NCT number NCT02710565
Other study ID # B723
Secondary ID
Status Completed
Phase N/A
First received
Last updated
Start date February 2016
Est. completion date July 2017

Study information

Verified date December 2020
Source Mid and South Essex NHS Foundation Trust
Contact n/a
Is FDA regulated No
Health authority
Study type Interventional

Clinical Trial Summary

Participants who are scheduled to have an endo bronchial ultrasound (EBUS) trans bronchial needle aspiration (TBNA) will provide additional samples.
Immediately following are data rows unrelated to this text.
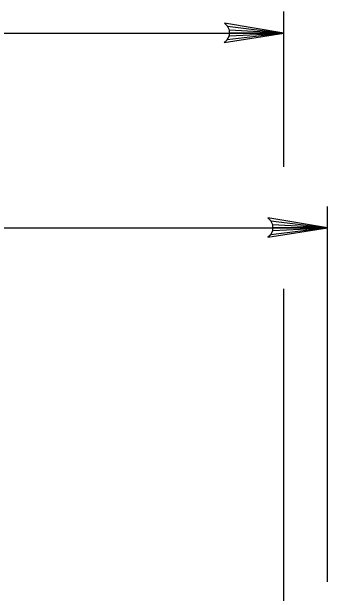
# Model space of a CAD drawing. Extents: x 641328 to 643024, y 298283 to 300065.
# Drawn here: x 641567.16 to 641587.3, y 299734.1 to 299771.2 of the extents above; entities that cross this region are included whole.
import ezdxf

# ---------------------------------------------------------------- set-up
doc = ezdxf.new("R2010")
doc.units = 0
doc.layers.add('2', color=7, linetype='Continuous')

msp = doc.modelspace()

# ---------------------------------------------------------------- linework, layer by layer
at = {"layer": '2'}
for p, q in [((641584.524, 299761.303), (641584.524, 299771.204)), ((641584.524, 299769.829), (641580.73, 299770.463)), ((641580.73, 299770.463), (641580.926, 299770.287)), ((641581.053, 299770.025), (641580.926, 299770.287)), ((641580.926, 299770.287), (641584.524, 299769.829)), ((641581.051, 299769.663), (641581.053, 299770.025)), ((641584.524, 299769.829), (641581.053, 299770.025)), ((641432.326, 299769.829), (641584.524, 299769.829)), ((641580.722, 299769.239), (641584.524, 299769.829)), ((641584.524, 299769.829), (641580.915, 299769.399)), ((641580.915, 299769.399), (641581.051, 299769.663)), ((641581.051, 299769.663), (641584.524, 299769.829)), ((641584.524, 299769.829), (641581.052, 299769.844)), ((641580.915, 299769.399), (641580.722, 299769.239)), ((641587.3, 299734.826), (641587.3, 299758.782)), ((641587.3, 299757.407), (641583.506, 299758.041)), ((641583.506, 299758.041), (641583.702, 299757.865)), ((641583.829, 299757.603), (641583.702, 299757.865)), ((641583.702, 299757.865), (641587.3, 299757.407)), ((641509.617, 299757.407), (641587.3, 299757.407)), ((641583.498, 299756.816), (641587.3, 299757.407)), ((641587.3, 299757.407), (641583.691, 299756.976)), ((641583.827, 299757.241), (641583.829, 299757.603)), ((641583.827, 299757.241), (641587.3, 299757.407)), ((641587.3, 299757.407), (641583.828, 299757.422)), ((641587.3, 299757.407), (641583.829, 299757.603)), ((641583.691, 299756.976), (641583.498, 299756.816)), ((641583.691, 299756.976), (641583.827, 299757.241)), ((641584.524, 299729.303), (641584.524, 299753.513))]:
    msp.add_line(p, q, dxfattribs=at)

doc.saveas('drawing.dxf')

These samples will then be sent to Imperial College London to see whether a cell line can be grown. If growth is successful then the samples will be returned to our pathology department to see if grading is possible and then to compare these results with the previous diagnostic samples. The cell line samples will not be used for patient diagnosis.


Description:

Obtaining adequate pathological specimen is essential in the diagnosis of cancer. Ultrasound guided sampling through endo bronchial ultrasound (EBUS) trans bronchial needle aspiration (TBNA) has emerged as a safe and accurate technique in the diagnosis and staging of lung cancer but subtyping and/or genotyping of TBNA samples obtained by convex probe EBUS has long been considered to be limited by the lack of tissue architecture in these small tissue samples. The performance of small tissue samples in non-small cell lung cancer (NSCLC) subtyping has been proven to be accurate in modern pathology practice adopting cell blocks and immunohistochemistry (IHC), reducing the NSCLC not otherwise specified rate for needle aspiration samples to 8-23%. It has also shown recently a promising result in work up of mediastinal lymphadenopathy when lymphoma is suspected. It is thought that at times EBUS TBNA sample is still inadequate for further essential testing for diagnostic and therapeutic purpose and enhancing the yield is possibly by cell culture will not only be useful for diagnosing lung cancer and lymphoma but also will provide material for future research study. We have therefore developed a research proposal in collaboration with scientists at the biomedical research laboratory at Imperial College London, who have excellent record in basic scientific research and currently involved in similar research on cell culture for other type of diseases.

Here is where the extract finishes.